Loop recorders on the other hand require that ECG leads be attached to the patient. As new ECG data are collected, older ECG data are deleted. When a patient activates the device, it stores a single-lead ECG before (typically about 45 to 60 s) and after (typically about 15 to 90 s) activation. As with event recorders, the devices have limited memory. Thus, to minimize loss of critical data, immediate transtelephonic data transmission following a symptomatic episode is necessary.

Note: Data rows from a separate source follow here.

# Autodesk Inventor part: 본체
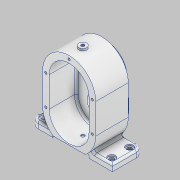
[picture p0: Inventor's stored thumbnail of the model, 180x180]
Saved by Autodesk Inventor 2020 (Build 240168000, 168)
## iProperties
Created: 2021-05
Part Number: 본체
Material: 알루미늄 6061
Document SubType Name: Modeling
Designer: Owner
Density: 2.7 g/cm^3
Appearance: 알루미늄 - 평지
Mass: 669.731 g
Surface Area: 580.57 cm^2
Volume: 248.049 cm^3
Author: Owner
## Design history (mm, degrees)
sketch "스케치3"
  geometry: L1 (0, 0)-(0, 45); L2 (40, 0)-(40, 45); L3 (-40, 45)-(-40, 0); L4 (0, -65)-(0, 110) reference; A1 r 40 centre (0, 0) between (-40, 0) and (40, 0); A2 r 40 centre (0, 45) between (40, 45) and (-40, 45); 1 further point
  constraints: 8 end point, 4 point on circle, 4 tangent, 2 centre point, 2 midpoint, 1 parallel, 1 vertical
  dimensions: "d10" = 40 radius of A2; "d11" = 45 distance of L2.start L2.end
extrude "돌출1" new body sketch "스케치3" distance "d12" = 49; taper "d13" = 0 deg
sketch "스케치4"
  geometry: L1 (0, 45)-(0, 0); L2 (-30, 45)-(-30, 0); L3 (30, 0)-(30, 45); A1 r 30 centre (0, 45) between (30, 45) and (-30, 45); A2 r 30 centre (0, 0) between (-30, 0) and (30, 0); 2 further points
  constraints: 8 end point, 4 point on circle, 4 tangent, 2 centre point, 1 coincident, 1 midpoint, 1 parallel, 1 vertical
  dimensions: "d14" = 45 distance of L3.start L3.end; "d15" = 30 radius of A1
extrude "돌출2" cut sketch "스케치4" distance "d16" = 41; taper "d17" = 0 deg
sketch "스케치5"
  geometry: L1 (0, -65)-(0, 110) reference; C1 r 14 at (0, 45); C2 r 14 at (0, 0); 2 further points
  constraints: 2 centre point, 2 coincident, 1 point on line
  dimensions: "d18" = 45 distance of point (0, 45) point (0, 0); "d19" = 28 diameter of C1; "d20" = 28 diameter of C2
extrude "돌출3" cut sketch "스케치5" distance "d21" = 8; taper "d22" = 0 deg
sketch "스케치6"
  geometry: L1 (0, 45)-(0, 0); L2 (-30, 45)-(-30, 0); L3 (30, 0)-(30, 45); A1 r 30 centre (0, 45) between (30, 45) and (-30, 45); A2 r 30 centre (0, 0) between (-30, 0) and (30, 0); 2 further points
  constraints: 8 end point, 4 point on circle, 4 tangent, 2 centre point, 1 coincident, 1 midpoint, 1 parallel, 1 vertical
  dimensions: "d23" = 30 radius of A1; "d24" = 45 distance of L2.start L2.end
extrude "돌출4" join sketch "스케치6" distance "d25" = 11; taper "d26" = 0 deg
sketch "스케치7"
  geometry: C1 r 14 at (0, 0) reference; C2 r 10 at (0, 0); 1 further point
  constraints: 1 centre point, 1 coincident
  dimensions: "d27" = 20 diameter of C2
extrude "돌출5" cut sketch "스케치7" distance "d28" = 4; taper "d29" = 0 deg
sketch "스케치8"
  geometry: C1 r 11 at (0, 0); 1 further point
  constraints: 1 centre point
  dimensions: "d30" = 22 diameter of C1
extrude "돌출6" cut sketch "스케치8" distance "d31" = 4; taper "d32" = 0 deg
sketch "스케치9"
  geometry: C1 r 14 at (0, 0); 1 further point
  constraints: 1 centre point
  dimensions: "d33" = 28 diameter of C1
extrude "돌출7" cut sketch "스케치9" distance "d34" = 4; taper "d35" = 0 deg
sketch "스케치10"
  geometry: L1 (94.717, -57)-(14.553, -57); L2 (45, -60)-(75, -60) reference; L3 (14.553, -57)-(14.553, -64.954); L4 (14.553, -64.954)-(81.317, -64.954); L5 (81.317, -64.954)-(81.317, -57); 1 further point
  constraints: 8 end point, 2 perpendicular, 1 horizontal, 1 point on line, 1 vertical
  dimensions: "d36" = 3 distance between parallel lines of L2 L1
extrude "돌출8" cut sketch "스케치10" extent not by distance; stored distance "d37" = 0; taper "d38" = 0 deg
sketch "스케치11" dims "d44" = 70
  geometry: L1 (0, -65)-(0, 110) reference; L2 (-56, 0)-(56, 0) reference; C1 r 11 at (0, 45) reference; C2 r 35 at (0, 0); 9 further points
  constraints: 4 point on line, 3 coincident, 2 horizontal alignment, 1 centre point, 2 other
  dimensions: "d39" = 35 distance of C1.centre point (0, 80); "d40" = 35 distance of point (35, 0) point (0, 0); "d41" = 35 distance of point (0, 0) point (-35, 0); "d42" = 35 distance of point (0, -35) point (0, 0); "d43" = 35 distance of C1.centre point (-35, 45); "d45" = 70 diameter of C2
hole "구멍1" sketch "스케치11" at (0, 45), (0, 80), (-35, 45), (35, 45), (35, 0), (-35, 0), (0, -35) diameter "d46" = 3.45873; stored, may be unused: countersink angle "d50" = 90 deg, drill point angle "d52" = 118 deg; dims "d47" = 8, "d48" = 4, "d49" = 2, "d51" = 10
node "작업 평면1"
sketch "스케치12"
  geometry: L1 (-62.167, -3)-(-27.143, -3); L2 (-27.143, -3)-(-27.143, -49); L3 (-27.143, -49)-(-62.167, -49); L4 (-62.167, -49)-(-62.167, -3); L5 (-62.167, -3)-(-27.143, -49); L6 (-27.143, -3)-(-62.167, -49); L7 (27.143, -3)-(59.833, -3); L8 (59.833, -3)-(59.833, -49); L9 (59.833, -49)-(27.143, -49); L10 (27.143, -49)-(27.143, -3); L11 (27.143, -3)-(59.833, -49); L12 (59.833, -3)-(27.143, -49); L13 (40, 0)-(-40, 0) reference; L14 (0, -72)-(0, 12) reference; 3 further points
  constraints: 24 end point, 4 midpoint, 4 parallel, 2 horizontal, 2 perpendicular, 1 other
  dimensions: "d54" = 122 distance between parallel lines of L8 L4; "d55" = 46 distance of L7.end L8.end; "d56" = 46 distance of L3.end L1.start; "d57" = 3 distance between parallel lines of L1 L13; "d58" = 3 distance between parallel lines of L7 L13
extrude "돌출9" join sketch "스케치12" distance "d60" = 10; taper "d61" = 0 deg
sketch "스케치13"
  geometry: L1 (-27.143, -37)-(-27.143, -29.381) reference; L2 (-27.143, -41.755)-(27.316, -41.755); L3 (27.316, -41.755)-(27.316, -32); L4 (27.316, -32)-(-27.143, -32); L5 (-27.143, -32)-(-27.143, -41.755); L6 (27.143, -37)-(59.833, -37) reference; 4 further points
  constraints: 8 end point, 3 perpendicular, 1 horizontal, 1 point on line
  dimensions: "d71" = 5 distance between parallel lines of L4 L6
extrude "돌출10" cut sketch "스케치13" extent not by distance; stored distance "d62" = 0; taper "d63" = 0 deg
sketch "스케치14"
  geometry: L1 (-40, 0)-(40, 0) reference; L2 (62.167, 49)-(29.513, 49) reference; L3 (62.167, 3)-(62.167, 49) reference; L4 (-59.833, 49)-(-59.833, 3) reference; L5 (-29.513, 49)-(-59.833, 49) reference; L6 (-59.833, 3)-(-29.513, 3) reference; C1 r 5.5 at (53.167, 11); C2 r 5.5 at (53.167, 38); C3 r 5.5 at (-50.833, 14); C4 r 5.5 at (-50.833, 38); C5 r 3.3 at (53.167, 11); C6 r 3.3 at (53.167, 38); C7 r 3.3 at (-50.833, 14); C8 r 3.3 at (-50.833, 38); 1 further point
  constraints: 8 centre point, 4 coincident
  dimensions: "d66" = 11 diameter of C1; "d67" = 11 diameter of C2; "d68" = 11 distance from line of C1.centre L1; "d69" = 11 diameter of C3; "d70" = 11 diameter of C4; "d76" = 11 distance from line of C2.centre L2; "d77" = 9 distance from line of L3 C2.centre; "d78" = 9 distance from line of L3 C1.centre; "d79" = 9 distance from line of L4 C3.centre; "d80" = 9 distance from line of L4 C4.centre; "d81" = 11 distance from line of L5 C4.centre; "d82" = 11 distance from line of L6 C3.centre; "d83" = 6.6 diameter of C5; "d84" = 6.6 diameter of C6; "d85" = 6.6 diameter of C7; "d86" = 6.6 diameter of C8
fillet "모깎기3" dims "d72" = 3
sketch "스케치15"
  geometry: L1 (-14.79, -25)-(14.79, -25); L2 (0, -61.4)-(0, 109.4) reference; L3 (-62.167, -37)-(-27.143, -37) reference; 2 further points
  constraints: 2 end point, 2 horizontal, 1 midpoint, 1 point on line
  dimensions: "d73" = 12 distance between parallel lines of L3 L1
extrude "돌출11" join sketch "스케치15" distance "d74" = 0.5; taper "d75" = 0 deg
extrude "돌출12" cut sketch "스케치14" distance "d87" = 2; taper "d88" = 0 deg
extrude "돌출13" cut sketch "스케치14" extent not by distance; stored distance "d89" = 0; taper "d90" = 0 deg
sketch "스케치16"
  geometry: L1 (0, 0)-(0, 65.474); L2 (0, -111.495)-(0, 94.969) reference; 2 further points
  constraints: 2 end point, 2 point on line, 1 vertical
  dimensions: "d91" = 20 distance of L1.start point (0, 20)
hole "구멍2" sketch "스케치16" at (0, 20) diameter "d92" = 3.242; stored, may be unused: countersink angle "d96" = 90 deg, drill point angle "d98" = 118 deg; dims "d93" = 8, "d94" = 4, "d95" = 2, "d97" = 10
sketch "스케치17"
  geometry: L1 (22.978, -23.6)-(22.978, 61.1) reference; 2 further points
  constraints: 1 point on line
  dimensions: "d102" = 21 distance of point (22.978, 28) point (22.978, 49)
hole "구멍3" sketch "스케치17" at (22.978, 28) diameter "d103" = 4.917; stored, may be unused: countersink angle "d107" = 90 deg, drill point angle "d109" = 118 deg; dims "d104" = 12, "d105" = 4, "d106" = 2, "d108" = 17.1
sketch "스케치18" dims "d33" = 28
  geometry: C1 r 2.458 at (22.978, 28) reference; C2 r 6 at (22.978, 28); 2 further points
  constraints: 2 coincident, 1 centre point
  dimensions: "d110" = 12 diameter of C2
extrude "돌출14" cut sketch "스케치18" distance "d111" = 1; taper "d112" = 0 deg
node "작업 평면2"
sketch "스케치19"
  geometry: L1 (0, -72.6)-(0, 12.1) reference; L2 (40, 0)-(-40, 0) reference; C1 r 6 at (0, -20.5); 1 further point
  constraints: 1 centre point, 1 point on line
  dimensions: "d113" = 12 diameter of C1; "d114" = 20.5 distance from line of L2 C1.centre
extrude "돌출15" join sketch "스케치19" distance "d115" = 3; taper "d116" = 0 deg
sketch "스케치20"
  geometry: 2 further points
hole "구멍4" sketch "스케치20" at (0, 0) diameter "d117" = 4.917; stored, may be unused: countersink angle "d121" = 90 deg, drill point angle "d123" = 118 deg; dims "d118" = 12, "d119" = 4, "d120" = 2, "d122" = 17.1
fillet "모깎기4" dims "d124" = 3
fillet "모깎기5" dims "d125" = 3
fillet "모깎기6" dims "d126" = 10
node "솔리드2"
pattern_circular "원형 패턴1" dims angle "d100" = 360 deg
feature "A9D066F2-1C7D-4E18-AEED-F7BC21143FA4" dims "d103" = 4.917, "d104" = 12, "d105" = 4, "d106" = 2, "d107" = 90 deg, "d108" = 17.1, "d109" = 118 deg
other parameters: "d53" = -37

By design, loop recorders also do not provide information about asymptomatic episodes. To overcome this limitation, auto-triggered loop recorders were developed. These devices use a proprietary algorithm to trigger ECG storage of arrhythmic episodes such as bradycardia (including prolonged pauses), tachycardia, and atrial fibrillation. The available memory, typically 10 to 20 min in duration, is partitioned for patient-triggered and auto-triggered events. The device alerts (e.g., with a beeping noise) the patient when an auto-triggered event has been detected. The patient must transmit the data transtelephonically to a central monitoring station for review. It has been shown that these auto-triggered devices have higher diagnostic yield than standard 24-h Holter monitors and 30-day loop recorders (2). Auto-triggered loop recorders have evolved capability of transmitting stored ECG data wirelessly to a device that can then send data to a central monitoring station over a landline or cellular telephone network. Although these monitors can detect the onset of an arrhythmia such as AF, their algorithms are not designed to detect the offset of the arrhythmia. Thus, information about the burden of AF cannot be consistently ascertained. As a result, these types of monitors have fallen out of favor in our practice.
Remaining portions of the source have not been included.